Where to invest in 2024: stocks, fixed income, real estate, gold and cryptocurrencies

“Inflation, growth and central banks are the three factors that will direct the markets in 2024,” says Sebastián Velasco, director of American asset manager Fidelity in Spain. A cocktail that is not new for investors and has been repeated since the beginning of 2022, when the world began to wake up from Covid. Europe will remain in economic anemia, as shown by the forecasts of the European Central Bank (0.8%) and the International Monetary Fund (1.2%). The USA cannot ring its bells either: the IMF predicts that GDP will increase by 1.5%. Moderating inflation would allow central banks to pause rate hikes and even cut interest rates, as the Fed has promised three times in 2024. The million dollar question is: When will the ECB cut interest rates? Optimism is returning to the stock markets.

Technology and artificial intelligence, the best option

“Main global equity indices, e.g. MSCI World and S&P 500 could reach all-time highs throughout the next year. “We see a buying opportunity in any correction,” says XTB analyst Joaquín Robles.

The consensus of experts is that the rise of technology companies and artificial intelligence (AI)-related companies will continue. In these sectors, Wall Street leads with the famous magnificent seven; Microsoft, Alphabet, Amazon, Apple, Meta, Nvidia and Tesla– Although there are giants outside the New York Stock Exchange such as Asian companies Samsung, Tencent and Alibaba to consider; European SAP, Accenture, ASML and Dutch Nxp Semiconductors.

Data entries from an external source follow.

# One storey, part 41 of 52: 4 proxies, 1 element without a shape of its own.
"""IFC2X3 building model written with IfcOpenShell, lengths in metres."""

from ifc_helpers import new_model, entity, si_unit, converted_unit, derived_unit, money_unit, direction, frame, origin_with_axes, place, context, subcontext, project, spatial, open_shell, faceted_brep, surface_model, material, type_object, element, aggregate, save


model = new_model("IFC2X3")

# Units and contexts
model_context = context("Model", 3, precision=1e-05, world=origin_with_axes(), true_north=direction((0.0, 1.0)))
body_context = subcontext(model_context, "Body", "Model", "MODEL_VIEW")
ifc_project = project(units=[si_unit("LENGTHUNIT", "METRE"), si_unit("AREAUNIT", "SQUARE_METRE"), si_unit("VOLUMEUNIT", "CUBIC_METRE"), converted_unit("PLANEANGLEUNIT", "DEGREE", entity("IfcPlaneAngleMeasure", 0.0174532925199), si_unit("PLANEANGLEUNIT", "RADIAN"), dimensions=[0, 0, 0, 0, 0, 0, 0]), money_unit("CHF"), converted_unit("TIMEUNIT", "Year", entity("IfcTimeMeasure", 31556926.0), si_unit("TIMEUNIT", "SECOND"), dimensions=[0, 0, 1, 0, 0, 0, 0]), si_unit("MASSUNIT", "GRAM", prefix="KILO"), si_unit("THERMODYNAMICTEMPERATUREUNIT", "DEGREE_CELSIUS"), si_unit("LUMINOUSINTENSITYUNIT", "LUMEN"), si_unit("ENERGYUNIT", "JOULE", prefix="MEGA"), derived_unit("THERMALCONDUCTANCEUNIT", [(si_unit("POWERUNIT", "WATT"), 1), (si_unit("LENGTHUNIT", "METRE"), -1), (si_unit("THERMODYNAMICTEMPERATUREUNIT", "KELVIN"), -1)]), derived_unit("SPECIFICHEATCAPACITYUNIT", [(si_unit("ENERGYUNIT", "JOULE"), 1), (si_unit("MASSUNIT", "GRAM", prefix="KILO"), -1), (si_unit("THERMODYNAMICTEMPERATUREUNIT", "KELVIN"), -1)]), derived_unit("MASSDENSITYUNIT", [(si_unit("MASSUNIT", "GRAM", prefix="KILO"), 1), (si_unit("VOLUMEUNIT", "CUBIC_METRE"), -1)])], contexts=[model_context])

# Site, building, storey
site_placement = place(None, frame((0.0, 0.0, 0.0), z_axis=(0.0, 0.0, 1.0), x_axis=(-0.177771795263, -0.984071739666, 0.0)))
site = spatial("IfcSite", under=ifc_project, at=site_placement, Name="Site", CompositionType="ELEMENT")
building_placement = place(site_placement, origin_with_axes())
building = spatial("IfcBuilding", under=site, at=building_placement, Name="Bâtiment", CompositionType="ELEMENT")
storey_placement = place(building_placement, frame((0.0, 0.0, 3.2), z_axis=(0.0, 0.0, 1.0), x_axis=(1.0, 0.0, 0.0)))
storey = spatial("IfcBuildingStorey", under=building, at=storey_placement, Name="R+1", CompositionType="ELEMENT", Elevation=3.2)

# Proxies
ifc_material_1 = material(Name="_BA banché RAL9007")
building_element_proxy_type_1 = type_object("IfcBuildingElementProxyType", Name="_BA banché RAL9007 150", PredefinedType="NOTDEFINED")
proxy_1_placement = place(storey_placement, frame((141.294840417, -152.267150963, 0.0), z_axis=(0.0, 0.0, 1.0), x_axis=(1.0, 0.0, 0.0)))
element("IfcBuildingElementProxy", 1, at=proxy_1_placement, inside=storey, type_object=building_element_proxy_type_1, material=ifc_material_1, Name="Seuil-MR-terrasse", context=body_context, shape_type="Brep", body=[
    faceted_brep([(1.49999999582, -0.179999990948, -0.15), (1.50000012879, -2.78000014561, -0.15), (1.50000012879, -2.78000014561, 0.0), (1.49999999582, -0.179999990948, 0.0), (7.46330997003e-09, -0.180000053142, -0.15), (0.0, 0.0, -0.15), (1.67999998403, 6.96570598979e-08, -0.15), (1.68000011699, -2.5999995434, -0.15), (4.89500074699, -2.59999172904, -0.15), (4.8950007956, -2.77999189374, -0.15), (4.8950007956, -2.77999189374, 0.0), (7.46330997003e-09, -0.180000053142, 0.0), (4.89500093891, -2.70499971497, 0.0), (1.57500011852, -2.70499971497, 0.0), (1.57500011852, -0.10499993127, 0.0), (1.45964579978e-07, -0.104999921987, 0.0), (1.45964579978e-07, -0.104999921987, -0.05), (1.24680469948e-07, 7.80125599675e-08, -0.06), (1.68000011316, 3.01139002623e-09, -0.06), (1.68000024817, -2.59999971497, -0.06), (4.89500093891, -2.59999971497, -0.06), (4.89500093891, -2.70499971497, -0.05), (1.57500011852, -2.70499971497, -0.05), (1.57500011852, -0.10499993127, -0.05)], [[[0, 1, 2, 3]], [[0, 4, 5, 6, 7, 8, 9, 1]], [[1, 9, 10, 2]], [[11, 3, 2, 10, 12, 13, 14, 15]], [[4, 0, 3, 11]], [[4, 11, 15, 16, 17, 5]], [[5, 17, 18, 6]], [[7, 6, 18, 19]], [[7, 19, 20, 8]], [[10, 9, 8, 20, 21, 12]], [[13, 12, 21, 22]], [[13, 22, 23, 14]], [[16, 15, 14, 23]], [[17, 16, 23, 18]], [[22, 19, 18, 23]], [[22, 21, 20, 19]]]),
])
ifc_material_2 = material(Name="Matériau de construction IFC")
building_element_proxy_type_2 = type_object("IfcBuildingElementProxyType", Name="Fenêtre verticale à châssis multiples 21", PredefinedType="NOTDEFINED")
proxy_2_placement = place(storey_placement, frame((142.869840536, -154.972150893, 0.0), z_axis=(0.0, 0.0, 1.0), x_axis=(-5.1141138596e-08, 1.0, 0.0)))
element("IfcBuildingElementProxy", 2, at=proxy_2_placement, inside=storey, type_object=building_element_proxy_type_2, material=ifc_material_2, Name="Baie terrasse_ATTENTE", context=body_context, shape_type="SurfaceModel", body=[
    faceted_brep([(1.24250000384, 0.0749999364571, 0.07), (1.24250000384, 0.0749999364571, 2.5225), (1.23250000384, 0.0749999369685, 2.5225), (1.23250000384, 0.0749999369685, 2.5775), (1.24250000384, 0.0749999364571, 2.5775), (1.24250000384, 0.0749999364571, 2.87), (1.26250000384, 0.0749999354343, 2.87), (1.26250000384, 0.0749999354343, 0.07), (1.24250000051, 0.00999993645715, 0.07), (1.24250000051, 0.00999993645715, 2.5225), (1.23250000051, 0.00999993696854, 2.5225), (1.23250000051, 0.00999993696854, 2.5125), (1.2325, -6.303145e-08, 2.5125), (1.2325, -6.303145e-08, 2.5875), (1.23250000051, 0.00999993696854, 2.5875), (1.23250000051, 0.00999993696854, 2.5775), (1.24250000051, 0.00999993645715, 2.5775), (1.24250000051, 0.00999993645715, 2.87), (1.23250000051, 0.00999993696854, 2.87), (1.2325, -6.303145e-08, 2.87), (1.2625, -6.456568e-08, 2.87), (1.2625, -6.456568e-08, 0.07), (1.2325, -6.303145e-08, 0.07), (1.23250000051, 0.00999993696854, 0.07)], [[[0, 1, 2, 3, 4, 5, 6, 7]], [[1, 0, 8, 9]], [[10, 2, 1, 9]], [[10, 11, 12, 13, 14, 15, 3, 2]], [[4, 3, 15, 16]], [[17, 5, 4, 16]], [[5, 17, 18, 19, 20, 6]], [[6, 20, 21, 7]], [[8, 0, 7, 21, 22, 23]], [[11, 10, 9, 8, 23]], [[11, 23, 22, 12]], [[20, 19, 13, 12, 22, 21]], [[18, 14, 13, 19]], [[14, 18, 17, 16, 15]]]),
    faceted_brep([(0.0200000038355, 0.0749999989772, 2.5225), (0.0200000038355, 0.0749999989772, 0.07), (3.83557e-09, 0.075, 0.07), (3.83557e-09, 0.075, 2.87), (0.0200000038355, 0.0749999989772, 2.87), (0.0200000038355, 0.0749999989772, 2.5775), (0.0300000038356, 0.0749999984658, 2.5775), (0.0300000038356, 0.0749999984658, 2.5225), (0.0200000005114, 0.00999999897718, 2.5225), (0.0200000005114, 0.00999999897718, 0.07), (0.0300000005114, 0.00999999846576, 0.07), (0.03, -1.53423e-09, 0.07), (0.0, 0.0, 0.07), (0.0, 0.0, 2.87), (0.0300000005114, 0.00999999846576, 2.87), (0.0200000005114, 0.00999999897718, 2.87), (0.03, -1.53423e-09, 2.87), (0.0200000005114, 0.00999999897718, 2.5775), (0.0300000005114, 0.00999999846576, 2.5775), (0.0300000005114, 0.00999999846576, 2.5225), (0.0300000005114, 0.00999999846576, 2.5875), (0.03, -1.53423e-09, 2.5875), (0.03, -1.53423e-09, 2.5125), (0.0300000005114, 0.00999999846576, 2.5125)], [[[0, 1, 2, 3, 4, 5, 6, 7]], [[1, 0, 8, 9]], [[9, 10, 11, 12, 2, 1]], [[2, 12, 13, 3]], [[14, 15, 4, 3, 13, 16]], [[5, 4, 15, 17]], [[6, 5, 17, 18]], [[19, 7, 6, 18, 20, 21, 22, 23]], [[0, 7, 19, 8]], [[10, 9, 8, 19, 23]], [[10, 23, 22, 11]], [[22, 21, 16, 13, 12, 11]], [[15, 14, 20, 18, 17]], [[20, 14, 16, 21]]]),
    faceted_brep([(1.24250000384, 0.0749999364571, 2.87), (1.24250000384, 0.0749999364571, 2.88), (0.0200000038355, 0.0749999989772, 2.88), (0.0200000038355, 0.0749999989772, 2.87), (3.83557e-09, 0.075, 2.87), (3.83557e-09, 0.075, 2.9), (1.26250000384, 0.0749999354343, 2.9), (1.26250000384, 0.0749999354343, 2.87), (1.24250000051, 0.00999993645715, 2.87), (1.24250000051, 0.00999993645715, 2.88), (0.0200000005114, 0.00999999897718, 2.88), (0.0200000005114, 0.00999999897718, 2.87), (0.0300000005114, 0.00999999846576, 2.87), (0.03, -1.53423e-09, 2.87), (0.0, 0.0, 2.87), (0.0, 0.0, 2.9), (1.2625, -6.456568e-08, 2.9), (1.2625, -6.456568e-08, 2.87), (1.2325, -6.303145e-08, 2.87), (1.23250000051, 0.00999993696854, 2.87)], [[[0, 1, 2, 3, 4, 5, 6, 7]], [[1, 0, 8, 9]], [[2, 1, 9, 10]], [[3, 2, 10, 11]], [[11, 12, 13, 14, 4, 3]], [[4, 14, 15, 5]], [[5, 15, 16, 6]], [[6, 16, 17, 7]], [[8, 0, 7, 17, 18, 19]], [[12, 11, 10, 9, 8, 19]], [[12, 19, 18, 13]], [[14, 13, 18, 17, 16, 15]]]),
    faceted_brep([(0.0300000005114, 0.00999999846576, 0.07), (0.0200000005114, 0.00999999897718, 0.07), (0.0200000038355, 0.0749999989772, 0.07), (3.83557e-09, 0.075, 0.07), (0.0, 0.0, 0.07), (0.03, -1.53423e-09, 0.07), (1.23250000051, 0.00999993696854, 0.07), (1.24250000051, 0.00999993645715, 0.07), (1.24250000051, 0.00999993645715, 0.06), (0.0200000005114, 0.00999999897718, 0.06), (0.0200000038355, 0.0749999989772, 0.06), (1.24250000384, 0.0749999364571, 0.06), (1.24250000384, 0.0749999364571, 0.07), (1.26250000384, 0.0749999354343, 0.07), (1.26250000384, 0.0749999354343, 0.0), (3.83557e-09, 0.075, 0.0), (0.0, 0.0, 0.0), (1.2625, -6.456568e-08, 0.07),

“This is how I distribute the portfolio: 50% in S&P 500 values ​​with private holdings of major technology companies; “The other 25 percent is in EuroStoxx50 securities, especially banking and defense sector securities, and the remaining 25 percent is in securities in the Nikkei index, which is a little talked about but very well performing and followable index.” iBroker analyst Antonio Castelo adds.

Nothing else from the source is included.